■ Records to process:
= = =

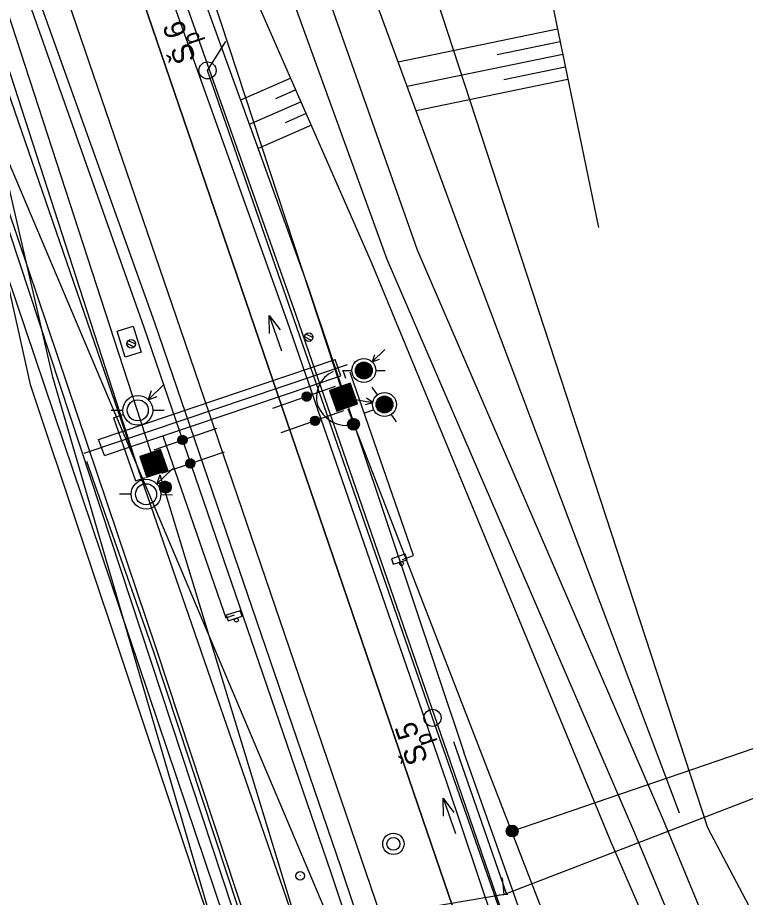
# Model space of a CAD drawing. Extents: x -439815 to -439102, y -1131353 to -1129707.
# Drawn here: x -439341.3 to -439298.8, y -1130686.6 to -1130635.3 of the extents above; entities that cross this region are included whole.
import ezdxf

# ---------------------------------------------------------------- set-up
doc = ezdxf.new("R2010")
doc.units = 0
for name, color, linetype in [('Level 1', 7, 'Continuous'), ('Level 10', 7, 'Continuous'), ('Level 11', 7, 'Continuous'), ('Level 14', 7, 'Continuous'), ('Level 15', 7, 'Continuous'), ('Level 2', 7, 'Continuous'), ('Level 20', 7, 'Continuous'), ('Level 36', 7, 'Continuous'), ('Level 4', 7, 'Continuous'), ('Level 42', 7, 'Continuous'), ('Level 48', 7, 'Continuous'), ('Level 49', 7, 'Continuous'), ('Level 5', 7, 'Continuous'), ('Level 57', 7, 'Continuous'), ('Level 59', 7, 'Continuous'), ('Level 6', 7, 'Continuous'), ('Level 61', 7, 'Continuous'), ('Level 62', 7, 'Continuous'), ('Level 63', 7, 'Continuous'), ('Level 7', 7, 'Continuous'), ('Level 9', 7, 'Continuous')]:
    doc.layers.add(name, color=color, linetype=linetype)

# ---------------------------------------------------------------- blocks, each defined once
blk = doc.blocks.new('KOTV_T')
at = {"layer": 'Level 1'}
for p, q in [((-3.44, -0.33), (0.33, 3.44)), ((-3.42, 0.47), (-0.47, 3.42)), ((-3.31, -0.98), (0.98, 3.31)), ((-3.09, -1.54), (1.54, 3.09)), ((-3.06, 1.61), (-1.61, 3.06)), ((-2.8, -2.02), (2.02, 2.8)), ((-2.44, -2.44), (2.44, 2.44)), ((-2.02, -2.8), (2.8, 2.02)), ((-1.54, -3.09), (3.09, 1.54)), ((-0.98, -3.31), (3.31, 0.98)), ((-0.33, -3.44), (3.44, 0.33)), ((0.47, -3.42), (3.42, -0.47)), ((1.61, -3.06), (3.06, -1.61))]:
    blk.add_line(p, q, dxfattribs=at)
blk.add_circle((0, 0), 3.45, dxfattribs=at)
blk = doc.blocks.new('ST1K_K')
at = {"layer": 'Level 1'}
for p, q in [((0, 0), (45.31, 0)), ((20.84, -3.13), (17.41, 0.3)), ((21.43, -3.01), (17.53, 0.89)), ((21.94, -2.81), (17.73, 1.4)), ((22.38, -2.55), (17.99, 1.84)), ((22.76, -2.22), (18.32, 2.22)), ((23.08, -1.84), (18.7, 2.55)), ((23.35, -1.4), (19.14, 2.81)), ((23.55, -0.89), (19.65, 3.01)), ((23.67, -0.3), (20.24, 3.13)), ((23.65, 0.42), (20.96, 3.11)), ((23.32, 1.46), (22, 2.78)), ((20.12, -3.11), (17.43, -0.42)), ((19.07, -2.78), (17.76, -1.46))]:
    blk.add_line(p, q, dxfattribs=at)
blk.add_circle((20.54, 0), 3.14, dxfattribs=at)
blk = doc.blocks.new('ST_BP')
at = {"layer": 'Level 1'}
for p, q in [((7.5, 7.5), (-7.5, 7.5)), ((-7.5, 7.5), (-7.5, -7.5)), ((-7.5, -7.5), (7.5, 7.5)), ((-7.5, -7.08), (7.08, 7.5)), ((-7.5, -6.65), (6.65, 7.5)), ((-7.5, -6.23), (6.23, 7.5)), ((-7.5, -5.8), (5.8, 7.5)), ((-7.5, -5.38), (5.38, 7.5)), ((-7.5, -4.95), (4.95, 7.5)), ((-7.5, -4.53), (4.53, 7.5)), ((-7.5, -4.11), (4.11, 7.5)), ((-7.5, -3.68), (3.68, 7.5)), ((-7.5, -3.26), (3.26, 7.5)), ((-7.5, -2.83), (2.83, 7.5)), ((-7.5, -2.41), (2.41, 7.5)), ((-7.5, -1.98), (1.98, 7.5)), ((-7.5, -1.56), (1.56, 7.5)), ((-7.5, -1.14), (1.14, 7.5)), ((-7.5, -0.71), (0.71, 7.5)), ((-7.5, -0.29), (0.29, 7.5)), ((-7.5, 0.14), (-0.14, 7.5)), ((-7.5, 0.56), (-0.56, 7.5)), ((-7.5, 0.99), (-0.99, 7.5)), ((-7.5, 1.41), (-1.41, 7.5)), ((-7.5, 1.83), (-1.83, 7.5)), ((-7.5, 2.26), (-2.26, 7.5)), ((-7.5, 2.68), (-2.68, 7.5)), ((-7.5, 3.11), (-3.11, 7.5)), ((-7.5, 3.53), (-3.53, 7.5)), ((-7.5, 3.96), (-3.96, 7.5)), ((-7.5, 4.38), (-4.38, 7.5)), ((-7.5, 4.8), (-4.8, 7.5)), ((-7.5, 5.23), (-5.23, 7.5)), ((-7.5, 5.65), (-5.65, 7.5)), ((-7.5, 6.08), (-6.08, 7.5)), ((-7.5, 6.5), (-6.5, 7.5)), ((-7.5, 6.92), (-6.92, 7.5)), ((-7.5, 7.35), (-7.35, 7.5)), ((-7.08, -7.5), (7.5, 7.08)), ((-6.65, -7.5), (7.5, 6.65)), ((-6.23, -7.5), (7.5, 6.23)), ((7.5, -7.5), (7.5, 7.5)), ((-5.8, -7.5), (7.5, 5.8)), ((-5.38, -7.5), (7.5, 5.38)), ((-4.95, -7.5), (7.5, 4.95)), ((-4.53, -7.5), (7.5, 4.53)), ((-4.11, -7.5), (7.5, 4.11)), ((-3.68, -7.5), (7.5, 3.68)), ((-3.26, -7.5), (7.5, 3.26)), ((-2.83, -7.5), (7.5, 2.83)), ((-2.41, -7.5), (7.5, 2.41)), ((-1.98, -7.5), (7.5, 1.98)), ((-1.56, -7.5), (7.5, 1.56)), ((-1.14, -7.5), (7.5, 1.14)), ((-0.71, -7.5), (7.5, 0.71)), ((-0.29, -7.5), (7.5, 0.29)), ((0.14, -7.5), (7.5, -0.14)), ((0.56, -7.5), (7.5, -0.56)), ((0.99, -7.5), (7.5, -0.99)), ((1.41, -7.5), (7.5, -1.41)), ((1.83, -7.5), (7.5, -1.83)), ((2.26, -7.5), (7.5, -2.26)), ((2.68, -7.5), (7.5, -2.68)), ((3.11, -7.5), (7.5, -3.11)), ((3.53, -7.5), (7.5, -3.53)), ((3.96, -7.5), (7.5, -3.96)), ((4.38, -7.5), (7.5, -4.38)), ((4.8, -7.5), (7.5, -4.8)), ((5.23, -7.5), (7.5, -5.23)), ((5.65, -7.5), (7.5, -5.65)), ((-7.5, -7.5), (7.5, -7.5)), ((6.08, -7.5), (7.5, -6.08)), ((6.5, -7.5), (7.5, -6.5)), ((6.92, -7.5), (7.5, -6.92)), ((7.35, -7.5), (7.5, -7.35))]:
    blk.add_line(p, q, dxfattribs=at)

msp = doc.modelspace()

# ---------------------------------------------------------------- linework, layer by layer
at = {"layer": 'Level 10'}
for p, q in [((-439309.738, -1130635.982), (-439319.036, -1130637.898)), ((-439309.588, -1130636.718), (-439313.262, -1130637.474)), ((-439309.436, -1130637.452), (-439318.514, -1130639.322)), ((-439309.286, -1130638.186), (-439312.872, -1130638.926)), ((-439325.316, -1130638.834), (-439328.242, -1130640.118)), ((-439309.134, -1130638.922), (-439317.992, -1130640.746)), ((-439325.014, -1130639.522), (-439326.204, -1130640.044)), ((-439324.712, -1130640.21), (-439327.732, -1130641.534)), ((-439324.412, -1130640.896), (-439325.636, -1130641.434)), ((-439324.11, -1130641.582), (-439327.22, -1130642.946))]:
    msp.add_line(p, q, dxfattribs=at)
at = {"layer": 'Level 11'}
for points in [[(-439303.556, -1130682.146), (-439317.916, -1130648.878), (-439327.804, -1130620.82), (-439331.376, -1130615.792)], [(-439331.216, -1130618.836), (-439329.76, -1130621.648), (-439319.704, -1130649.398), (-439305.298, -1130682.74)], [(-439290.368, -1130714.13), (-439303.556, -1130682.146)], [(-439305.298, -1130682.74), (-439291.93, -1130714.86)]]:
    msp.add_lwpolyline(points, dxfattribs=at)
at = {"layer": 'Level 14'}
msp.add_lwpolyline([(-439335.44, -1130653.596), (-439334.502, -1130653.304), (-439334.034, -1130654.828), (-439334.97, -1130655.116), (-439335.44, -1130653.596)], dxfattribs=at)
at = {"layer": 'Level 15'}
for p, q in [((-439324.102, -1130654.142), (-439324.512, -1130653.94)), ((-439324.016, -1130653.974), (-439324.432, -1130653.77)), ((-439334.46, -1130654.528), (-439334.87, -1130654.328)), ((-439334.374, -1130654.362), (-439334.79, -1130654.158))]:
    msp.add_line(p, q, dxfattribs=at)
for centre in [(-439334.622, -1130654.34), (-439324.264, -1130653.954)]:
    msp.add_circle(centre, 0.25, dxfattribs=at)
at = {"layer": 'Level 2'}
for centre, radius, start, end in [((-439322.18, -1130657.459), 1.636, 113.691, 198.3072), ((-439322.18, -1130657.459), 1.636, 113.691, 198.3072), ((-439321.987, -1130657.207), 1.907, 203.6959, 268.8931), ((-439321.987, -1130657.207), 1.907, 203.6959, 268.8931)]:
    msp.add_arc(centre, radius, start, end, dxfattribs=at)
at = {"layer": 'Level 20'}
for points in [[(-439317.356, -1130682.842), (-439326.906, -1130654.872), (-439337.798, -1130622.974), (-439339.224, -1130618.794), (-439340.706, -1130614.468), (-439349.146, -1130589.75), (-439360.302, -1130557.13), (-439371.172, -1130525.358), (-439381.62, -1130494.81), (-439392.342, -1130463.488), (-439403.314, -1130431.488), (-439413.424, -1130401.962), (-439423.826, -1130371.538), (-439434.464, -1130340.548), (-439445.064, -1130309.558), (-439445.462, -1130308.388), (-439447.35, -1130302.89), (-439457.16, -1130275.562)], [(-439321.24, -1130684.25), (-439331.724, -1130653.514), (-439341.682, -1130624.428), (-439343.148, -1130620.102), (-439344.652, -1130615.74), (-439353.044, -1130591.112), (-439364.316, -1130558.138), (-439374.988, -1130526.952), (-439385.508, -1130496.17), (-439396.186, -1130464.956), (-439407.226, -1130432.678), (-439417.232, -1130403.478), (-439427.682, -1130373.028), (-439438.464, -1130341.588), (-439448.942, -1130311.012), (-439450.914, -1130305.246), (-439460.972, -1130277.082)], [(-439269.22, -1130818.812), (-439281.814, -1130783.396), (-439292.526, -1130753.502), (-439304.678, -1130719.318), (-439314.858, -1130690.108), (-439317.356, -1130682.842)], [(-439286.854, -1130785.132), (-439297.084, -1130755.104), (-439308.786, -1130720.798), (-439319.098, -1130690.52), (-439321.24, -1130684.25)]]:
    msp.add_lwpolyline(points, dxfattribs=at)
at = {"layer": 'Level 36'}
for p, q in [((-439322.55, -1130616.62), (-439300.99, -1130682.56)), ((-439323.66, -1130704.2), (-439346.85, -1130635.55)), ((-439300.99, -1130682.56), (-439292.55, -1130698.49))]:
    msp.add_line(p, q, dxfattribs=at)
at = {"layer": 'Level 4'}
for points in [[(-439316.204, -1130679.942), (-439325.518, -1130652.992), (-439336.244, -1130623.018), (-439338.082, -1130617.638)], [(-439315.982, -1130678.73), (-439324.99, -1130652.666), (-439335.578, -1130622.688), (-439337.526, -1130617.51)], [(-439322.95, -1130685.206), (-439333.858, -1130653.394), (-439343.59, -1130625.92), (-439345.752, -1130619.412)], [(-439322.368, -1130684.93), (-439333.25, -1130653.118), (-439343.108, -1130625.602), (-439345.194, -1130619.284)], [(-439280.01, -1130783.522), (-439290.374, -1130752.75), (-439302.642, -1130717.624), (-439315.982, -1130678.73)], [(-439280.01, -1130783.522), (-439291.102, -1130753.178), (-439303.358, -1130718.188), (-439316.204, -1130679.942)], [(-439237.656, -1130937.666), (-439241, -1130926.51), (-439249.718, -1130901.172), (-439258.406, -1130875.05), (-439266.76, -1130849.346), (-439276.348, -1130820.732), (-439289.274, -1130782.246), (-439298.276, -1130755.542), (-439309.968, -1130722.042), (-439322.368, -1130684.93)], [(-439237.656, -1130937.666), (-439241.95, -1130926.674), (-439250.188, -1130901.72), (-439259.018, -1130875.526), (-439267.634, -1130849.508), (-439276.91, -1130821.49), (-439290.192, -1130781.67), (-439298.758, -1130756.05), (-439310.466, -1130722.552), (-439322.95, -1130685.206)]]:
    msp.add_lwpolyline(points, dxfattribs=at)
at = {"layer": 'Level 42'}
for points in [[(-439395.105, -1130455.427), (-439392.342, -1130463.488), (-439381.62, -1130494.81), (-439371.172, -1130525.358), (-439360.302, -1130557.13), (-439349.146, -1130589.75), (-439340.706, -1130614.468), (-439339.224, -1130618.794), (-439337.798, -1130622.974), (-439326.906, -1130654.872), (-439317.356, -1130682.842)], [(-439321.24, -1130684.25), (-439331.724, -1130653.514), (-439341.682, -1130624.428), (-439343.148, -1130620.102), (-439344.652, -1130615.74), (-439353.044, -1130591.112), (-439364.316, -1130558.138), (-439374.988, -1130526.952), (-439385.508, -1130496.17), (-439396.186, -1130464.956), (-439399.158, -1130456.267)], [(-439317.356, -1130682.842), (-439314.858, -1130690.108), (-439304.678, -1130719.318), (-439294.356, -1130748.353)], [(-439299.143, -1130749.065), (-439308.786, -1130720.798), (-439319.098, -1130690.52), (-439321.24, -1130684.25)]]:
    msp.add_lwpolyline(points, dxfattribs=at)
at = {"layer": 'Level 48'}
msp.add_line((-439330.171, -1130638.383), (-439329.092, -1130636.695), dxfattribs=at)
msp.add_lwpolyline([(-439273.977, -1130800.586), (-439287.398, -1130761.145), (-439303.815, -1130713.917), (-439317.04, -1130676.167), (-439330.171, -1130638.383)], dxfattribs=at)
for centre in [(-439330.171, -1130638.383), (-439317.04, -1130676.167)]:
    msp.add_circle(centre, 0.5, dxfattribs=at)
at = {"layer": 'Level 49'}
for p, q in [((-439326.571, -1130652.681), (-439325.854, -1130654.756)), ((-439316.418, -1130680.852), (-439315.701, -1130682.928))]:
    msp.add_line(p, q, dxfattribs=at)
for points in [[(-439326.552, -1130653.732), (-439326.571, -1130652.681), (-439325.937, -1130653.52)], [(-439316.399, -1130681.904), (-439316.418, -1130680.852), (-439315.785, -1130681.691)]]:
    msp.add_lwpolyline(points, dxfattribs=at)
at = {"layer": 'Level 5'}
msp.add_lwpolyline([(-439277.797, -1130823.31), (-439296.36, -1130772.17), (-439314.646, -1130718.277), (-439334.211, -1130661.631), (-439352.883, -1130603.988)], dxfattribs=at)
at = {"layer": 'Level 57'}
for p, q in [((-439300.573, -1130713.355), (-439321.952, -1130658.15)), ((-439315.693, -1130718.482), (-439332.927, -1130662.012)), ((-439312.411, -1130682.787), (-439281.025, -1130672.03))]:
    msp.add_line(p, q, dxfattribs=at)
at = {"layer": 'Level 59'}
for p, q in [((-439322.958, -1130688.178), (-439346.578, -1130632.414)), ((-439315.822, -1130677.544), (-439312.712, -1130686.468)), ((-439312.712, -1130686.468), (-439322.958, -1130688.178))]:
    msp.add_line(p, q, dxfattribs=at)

= = =

■ Exercise: Pick out all lines from the data above in which the word "blocks" appears.

■ Expected output:
# ---------------------------------------------------------------- blocks, each defined once
blk = doc.blocks.new('KOTV_T')
blk = doc.blocks.new('ST1K_K')
blk = doc.blocks.new('ST_BP')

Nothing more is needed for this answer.